## REQUIRED WORK:
State how many lines of the entries below hold the word "above"; reply with nothing but the number.

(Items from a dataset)
= Beginning of Section =
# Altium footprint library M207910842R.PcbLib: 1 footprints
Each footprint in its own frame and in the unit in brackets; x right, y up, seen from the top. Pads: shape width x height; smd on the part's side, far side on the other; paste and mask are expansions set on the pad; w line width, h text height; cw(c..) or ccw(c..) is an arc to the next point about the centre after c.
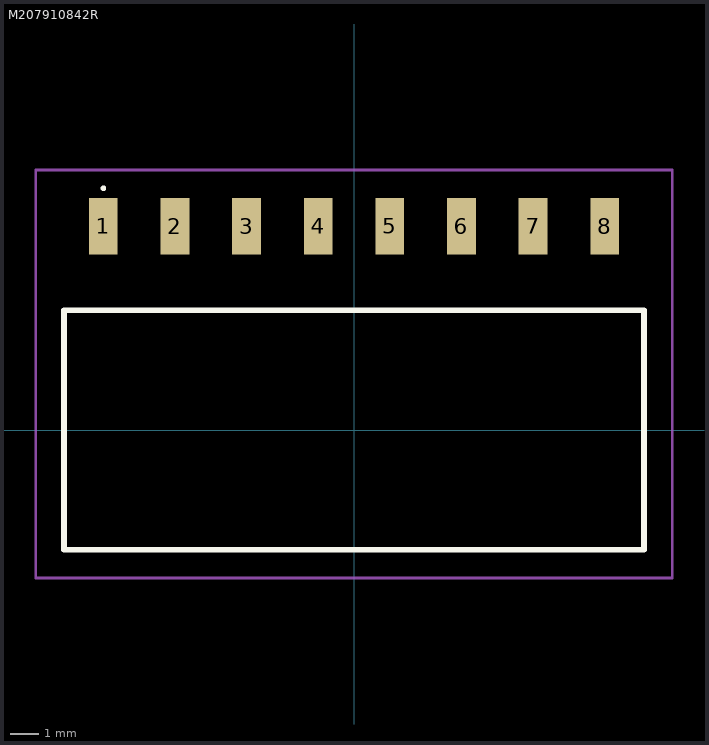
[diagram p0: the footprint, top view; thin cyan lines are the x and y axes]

## M207910842R [mm]
pads (8):
  rect 1.02x2 smd: 1(-8.89,7.224) 2(-6.35,7.224) 3(-3.81,7.224) 4(-1.27,7.224) 5(1.27,7.224) 6(3.81,7.224) 7(6.35,7.224) 8(8.89,7.224)
Top Overlay:
  lines w0.1: -8.89,8.524 -8.89,8.524 ; -8.89,8.524 ccw(c-8.89,8.574) -8.89,8.624 ; -8.89,8.524 cw(c-8.89,8.574) -8.89,8.624 ; -8.89,8.625 -8.89,8.625
  lines w0.2: -10.285,-4.25 -10.285,4.25 10.285,4.25 10.285,-4.25 -10.285,-4.25
Mechanical 15:
  lines w0.1: -10.285,-4.25 10.285,-4.25 10.285,4.25 -10.285,4.25 -10.285,-4.25
Mechanical 20:
  lines w0.1: -11.285,-5.25 11.285,-5.25 11.285,9.224 -11.285,9.224 -11.285,-5.25
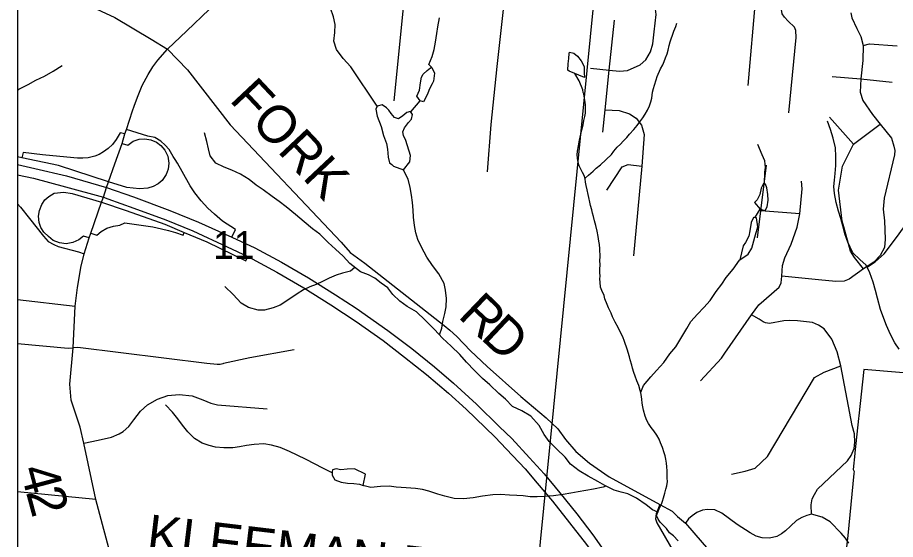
# Model space of a CAD drawing. Extents: x -8.2 to 38.5, y -0.1 to 21.9.
# Drawn here: x 2.163 to 3.486, y 19.487 to 20.274 of the extents above; entities that cross this region are included whole.
import ezdxf

# ---------------------------------------------------------------- set-up
doc = ezdxf.new("R2010")
doc.units = 0
for name, color, linetype in [('Default', 7, 'Continuous'), ('GM_X_Adjacent_County_Text', 7, 'Continuous'), ('GM_X_Airport_Location_Class_2', 7, 'Continuous'), ('GM_X_Airport_Location_Class_3', 7, 'Continuous'), ('GM_X_County_Road_Text', 7, 'Continuous'), ('GM_X_Interstate_Location', 7, 'Continuous'), ('GM_X_Minor_Lake', 7, 'Continuous'), ('GM_X_Minor_Lake_Text', 7, 'Continuous'), ('GM_X_Minor_River', 7, 'Continuous'), ('GM_X_Section', 7, 'Continuous'), ('GM_X_State_Location', 7, 'Continuous'), ('GM_X_Township_Text', 7, 'Continuous')]:
    doc.layers.add(name, color=color, linetype=linetype)

msp = doc.modelspace()

# ---------------------------------------------------------------- linework, layer by layer
at = {"layer": 'Default'}
for points in [[(3.7486, 17.3899), (3.8184, 18.0516), (3.8435, 18.2895), (3.8449, 18.303), (3.8472, 18.3279), (3.8854, 18.7517), (3.9289, 19.2353), (3.9436, 19.3979), (3.9961, 19.9817), (4.0302, 20.3597), (4.0404, 20.4649), (4.0467, 20.5533), (4.0665, 20.7635), (4.0666, 20.7645), (2.1634, 20.7645), (2.1634, 15.4317)], [(3.5456, 19.7345), (3.4381, 19.7434), (3.4307, 19.6733), (3.4303, 19.6696), (3.4245, 19.618), (3.4244, 19.6168), (3.4221, 19.5928), (3.4233, 19.5895), (3.423, 19.5868), (3.4138, 19.493), (3.4055, 19.4191)]]:
    msp.add_lwpolyline(points, dxfattribs=at)
msp.add_lwpolyline([(2.1634, 20.4819), (2.1634, 19.4712), (2.9408, 19.3823), (3.0413, 20.3975)], close=True, dxfattribs=at)
at = {"layer": 'GM_X_Adjacent_County_Text'}
msp.add_lwpolyline([(3.0413, 20.3975), (4.0367, 20.2914), (3.9431, 19.2991), (2.9408, 19.3823)], close=True, dxfattribs=at)
at = {"layer": 'GM_X_Airport_Location_Class_2'}
for p, q in [((3.2757, 20.3104), (3.2633, 20.1713)), ((3.4226, 20.0829), (3.3864, 20.1238)), ((3.3419, 19.9782), (3.283, 19.9824)), ((2.1634, 19.849), (2.25, 19.8388)), ((2.2811, 19.5474), (2.1634, 19.5592))]:
    msp.add_line(p, q, dxfattribs=at)
for points in [[(2.7563, 20.3938), (2.7551, 20.3718), (2.7545, 20.363), (2.7524, 20.3494), (2.749, 20.3391), (2.7302, 20.1485)], [(2.9036, 20.3635), (2.8852, 20.2003), (2.8761, 20.1127), (2.8707, 20.0414)], [(3.0263, 20.1974), (3.0546, 20.1948), (3.0702, 20.1932), (3.0822, 20.1942), (3.1012, 20.2028), (3.1098, 20.2103), (3.1169, 20.2221), (3.1202, 20.2344), (3.1224, 20.2523), (3.1252, 20.2786), (3.1245, 20.2864), (3.1158, 20.3093), (3.1155, 20.3179), (3.1167, 20.328)], [(3.325, 20.1305), (3.3364, 20.2437), (3.3356, 20.2543), (3.3335, 20.2592), (3.3239, 20.2683), (3.3186, 20.2745), (3.315, 20.2795), (3.314, 20.2859), (3.3145, 20.296), (3.316, 20.3063), (3.3169, 20.3159)], [(3.4186, 20.2812), (3.4202, 20.2735), (3.4276, 20.2575), (3.4334, 20.2455), (3.4372, 20.2317), (3.4367, 20.2092), (3.4338, 20.1814), (3.4324, 20.1613), (3.4367, 20.1489), (3.4511, 20.128), (3.4628, 20.1134), (3.4797, 20.0922), (3.4834, 20.0803), (3.4846, 20.0736), (3.4842, 20.0668), (3.4688, 20.0015), (3.4674, 19.9851), (3.4691, 19.9673), (3.4704, 19.9399), (3.469, 19.9274), (3.4627, 19.915), (3.4531, 19.9051), (3.4377, 19.8949), (3.4161, 19.8795), (3.4083, 19.8767), (3.396, 19.8762), (3.3697, 19.8786), (3.3148, 19.8843)], [(3.0448, 20.1012), (3.0483, 20.1349), (3.0546, 20.1948), (3.0625, 20.2701)], [(3.4372, 20.2317), (3.4468, 20.2344), (3.4883, 20.2315)], [(3.3903, 20.1849), (3.4338, 20.1814), (3.4809, 20.1763)], [(3.0483, 20.1349), (3.0697, 20.1336), (3.0852, 20.129), (3.0951, 20.1224), (3.103, 20.1115), (3.1074, 20.0975), (3.1035, 20.0497), (3.0914, 19.9146)], [(3.4377, 19.8949), (3.4238, 19.9122), (3.4178, 19.922), (3.4079, 19.9586), (3.4055, 19.9672), (3.3999, 20.0139), (3.4059, 20.05), (3.4226, 20.0829), (3.4628, 20.1134)], [(3.0508, 20.0139), (3.0742, 20.049), (3.0832, 20.0522), (3.1035, 20.0497)], [(3.278, 19.9417), (3.283, 19.9824), (3.2916, 20.0516)], [(3.1919, 19.7265), (3.2237, 19.7605), (3.2288, 19.768), (3.269, 19.8256), (3.2799, 19.8409), (3.3105, 19.8676), (3.3137, 19.8739), (3.3148, 19.8843), (3.3157, 19.9003), (3.3192, 19.9115), (3.3285, 19.9321), (3.3377, 19.9579), (3.3419, 19.9782), (3.3452, 20.0158), (3.3442, 20.0275)], [(3.3593, 19.5251), (3.3589, 19.5393), (3.3605, 19.5482), (3.3637, 19.5551), (3.3684, 19.563), (3.3863, 19.5802), (3.4134, 19.6059), (3.4188, 19.6136), (3.4234, 19.6242), (3.4247, 19.6338), (3.424, 19.6465), (3.4204, 19.6592), (3.4034, 19.7488), (3.398, 19.7698), (3.3897, 19.7892), (3.3786, 19.8049), (3.3697, 19.8104), (3.3606, 19.814), (3.3383, 19.8169), (3.3263, 19.8172), (3.3178, 19.8166), (3.2961, 19.8127), (3.2901, 19.8136), (3.2864, 19.8154), (3.2806, 19.8193), (3.269, 19.8256)], [(2.4736, 19.7522), (2.4726, 19.752), (2.4688, 19.7511), (2.464, 19.7509), (2.4483, 19.7522), (2.254, 19.7766), (2.2471, 19.7759)], [(2.5802, 19.7732), (2.5133, 19.761), (2.4736, 19.7522)], [(3.2389, 19.5857), (3.2592, 19.5902), (3.2742, 19.5949), (3.2929, 19.6122), (3.3637, 19.7312), (3.3785, 19.7396), (3.4034, 19.7488)], [(2.263, 19.6324), (2.2846, 19.6368), (2.305, 19.6414), (2.3166, 19.6462), (2.3223, 19.6499), (2.3312, 19.6576), (2.3384, 19.6676), (2.3485, 19.6808), (2.3593, 19.6903), (2.3742, 19.6989), (2.3898, 19.704), (2.4069, 19.7058), (2.4266, 19.7035), (2.4423, 19.6977), (2.4544, 19.6927), (2.4646, 19.69), (2.5395, 19.684)], [(3.4156, 19.4817), (3.4107, 19.4891), (3.4039, 19.4969), (3.3872, 19.5136), (3.3752, 19.5206), (3.3593, 19.5251), (3.3524, 19.5233), (3.3447, 19.5205), (3.3367, 19.5156), (3.3274, 19.5073), (3.3201, 19.5001), (3.3141, 19.4956), (3.3071, 19.4918), (3.2962, 19.4892), (3.2852, 19.4895), (3.2759, 19.4923), (3.2669, 19.4974), (3.2471, 19.5099), (3.2243, 19.527), (3.2135, 19.5316), (3.2027, 19.5323), (3.1949, 19.5311), (3.1868, 19.5276), (3.1796, 19.5229), (3.1741, 19.5184), (3.1693, 19.5119)]]:
    msp.add_lwpolyline(points, dxfattribs=at)
at = {"layer": 'GM_X_Airport_Location_Class_3'}
for points in [[(2.1634, 20.0368), (2.1872, 20.0316), (2.2356, 20.0186), (2.2926, 20.0031), (2.2992, 20.0007)], [(2.2992, 20.0007), (2.3385, 19.9868), (2.3865, 19.9688), (2.4276, 19.9522), (2.4793, 19.9285), (2.5102, 19.9135)], [(2.5102, 19.9135), (2.5541, 19.8901), (2.5947, 19.8666), (2.6355, 19.8407), (2.6734, 19.8157), (2.7142, 19.787), (2.7462, 19.7622), (2.7794, 19.7357), (2.8125, 19.7078), (2.839, 19.6837), (2.8824, 19.6418), (2.9, 19.6234), (2.9279, 19.5938), (2.9461, 19.5721), (2.9693, 19.5449), (2.995, 19.5122), (3.0202, 19.4795), (3.0406, 19.4508), (3.0667, 19.413), (3.3668, 18.9788), (3.4094, 18.917)]]:
    msp.add_lwpolyline(points, dxfattribs=at)
at = {"layer": 'GM_X_Interstate_Location'}
for points in [[(2.3248, 20.0984), (2.3177, 20.1004), (2.3121, 20.0901), (2.3066, 20.0827), (2.2999, 20.0763), (2.293, 20.0714), (2.2861, 20.0677), (2.2796, 20.0651), (2.2697, 20.0627), (2.2615, 20.0618), (2.2538, 20.0619), (2.2479, 20.0627), (2.2012, 20.0669), (2.1718, 20.0706), (2.1698, 20.0627)], [(2.4009, 20.06), (2.398, 20.0647), (2.3915, 20.0748), (2.3859, 20.0816), (2.3793, 20.0876), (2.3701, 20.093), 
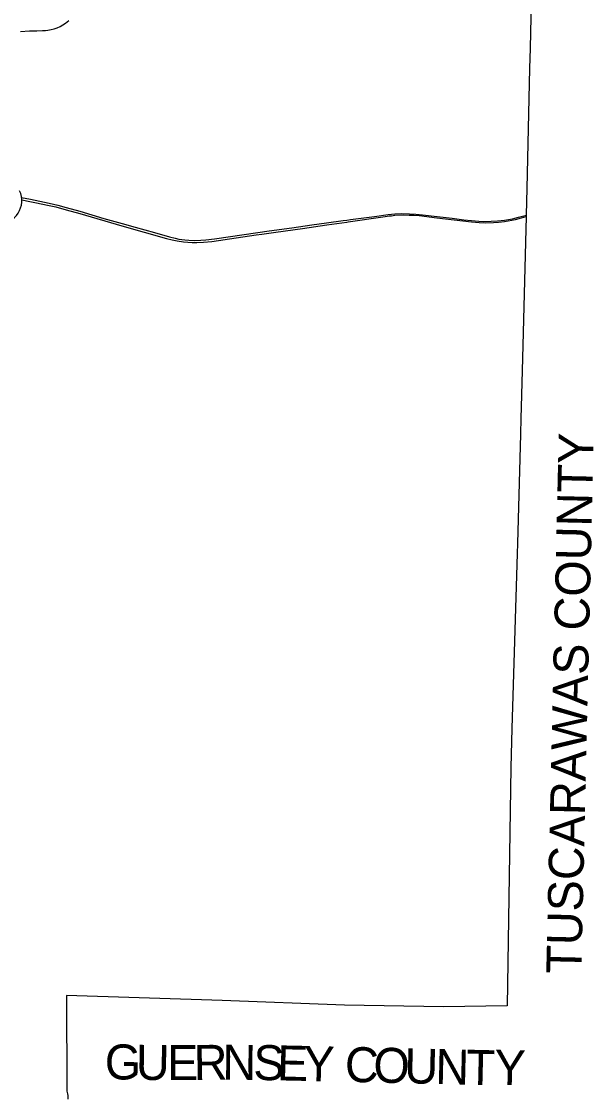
# Model space of a CAD drawing. Extents: x 2004415 to 2276415, y 751181 to 927181.
# Drawn here: x 2199651 to 2215983, y 807649 to 838414 of the extents above; entities that cross this region are included whole.
import ezdxf

# ---------------------------------------------------------------- set-up
doc = ezdxf.new("R2010")
doc.units = 0
for name, color, linetype in [('GM_X_County', 7, 'Continuous'), ('GM_X_County_Text', 7, 'Continuous'), ('GM_X_State_Route', 7, 'Continuous'), ('GM_X_US_Shield', 7, 'Continuous'), ('UT_P_Electric', 7, 'Continuous')]:
    doc.layers.add(name, color=color, linetype=linetype)

msp = doc.modelspace()

# ---------------------------------------------------------------- linework, layer by layer
at = {"layer": 'GM_X_County'}
msp.add_lwpolyline([(2214279, 842459), (2214173, 837662), (2214172, 837654), (2214160, 837073), (2214085, 833645), (2214066, 832888), (2214065, 832847), (2213957, 828794), (2213920, 827395), (2213912, 827086), (2213899, 826623), (2213880, 825927), (2213814, 823506), (2213806, 823219), (2213725, 820716), (2213655, 818221), (2213626, 817104), (2213518, 810296), (2211703, 810263), (2208876, 810317), (2205381, 810448), (2200936, 810586), (2200946, 807855), (2200966, 807785), (2200976, 807730), (2200976, 807629)], dxfattribs=at)
at = {"layer": 'GM_X_State_Route'}
msp.add_lwpolyline([(2199623, 838132), (2199874, 838146), (2200091, 838151), (2200247, 838157), (2200332, 838161), (2200405, 838171), (2200496, 838184), (2200581, 838210), (2200668, 838237), (2200749, 838272), (2200831, 838319), (2200908, 838368), (2201005, 838441)], dxfattribs=at)
at = {"layer": 'GM_X_US_Shield'}
msp.add_arc((2199004, 833297), 654, 269.3617, 25.1681, dxfattribs=at)
at = {"layer": 'UT_P_Electric'}
for points in [[(2199651, 833389), (2199903, 833339), (2200439, 833225), (2200691, 833164), (2200923, 833102), (2201311, 832995), (2201997, 832792), (2202526, 832645), (2202898, 832538), (2203445, 832383), (2203872, 832261), (2204041, 832221), (2204147, 832199), (2204310, 832178), (2204426, 832167), (2204583, 832162), (2204766, 832166), (2204915, 832178), (2205162, 832209), (2205617, 832274), (2206724, 832432), (2207371, 832524), (2207941, 832604), (2208364, 832665), (2208840, 832730), (2208938, 832743)], [(2199657, 833322), (2199887, 833276), (2200075, 833239), (2200392, 833172), (2200630, 833116), (2200926, 833037), (2201311, 832928), (2202519, 832582), (2203790, 832218), (2203953, 832175), (2204091, 832147), (2204273, 832119), (2204399, 832107), (2204520, 832100), (2204659, 832100), (2204851, 832108), (2205085, 832135), (2205784, 832237), (2206352, 832317), (2206515, 832340), (2206914, 832395), (2207677, 832504), (2208367, 832602), (2208941, 832684)], [(2208938, 832743), (2209042, 832757), (2209728, 832847), (2210118, 832899), (2210314, 832917), (2210511, 832927), (2210732, 832925), (2210913, 832914), (2211101, 832895), (2211520, 832843), (2211944, 832793), (2212277, 832753), (2212503, 832726), (2212707, 832710), (2212856, 832704), (2213065, 832709), (2213240, 832719), (2213444, 832742), (2213674, 832782), (2213845, 832821), (2214067, 832885)], [(2208941, 832684), (2208977, 832689), (2210036, 832844)], [(2210036, 832844), (2210150, 832860), (2210213, 832868), (2210309, 832879), (2210545, 832888), (2210721, 832884), (2210861, 832879), (2211006, 832869), (2211511, 832806), (2212500, 832688), (2212717, 832669), (2212899, 832668), (2213125, 832672), (2213270, 832684), (2213446, 832703), (2213552, 832722), (2213752, 832759), (2213932, 832805), (2214066, 832844)]]:
    msp.add_lwpolyline(points, dxfattribs=at)

# ---------------------------------------------------------------- texts
at = {"layer": 'GM_X_County_Text'}
for s, rotation, p in [('TUSCARAWAS COUNTY', 88.6727, (2215634, 811202)), ('G', 358.8201, (2202018, 808203)), ('U', 359.1885, (2202909, 808184)), ('E', 0.1879, (2203812, 808172)), ('R', 0.9417, (2204575, 808174)), ('N', 359.4857, (2205382, 808188)), ('S', 359.0235, (2206264, 808180)), ('E', 358.7708, (2206940, 808168)), ('Y', 358.683, (2207688, 808152)), ('C', 358.6613, (2208875, 808125)), ('O', 358.6602, (2209689, 808106)), ('U', 358.6613, (2210573, 808085)), ('N', 358.6602, (2211458, 808064)), ('T', 358.6603, (2212342, 808044)), ('Y', 358.6603, (2213143, 808044))]:
    msp.add_text(s, height=1000, rotation=rotation, dxfattribs=at).set_placement(p)

doc.saveas('drawing.dxf')
= End of Section =
## RESULT OF THIS TASK:
2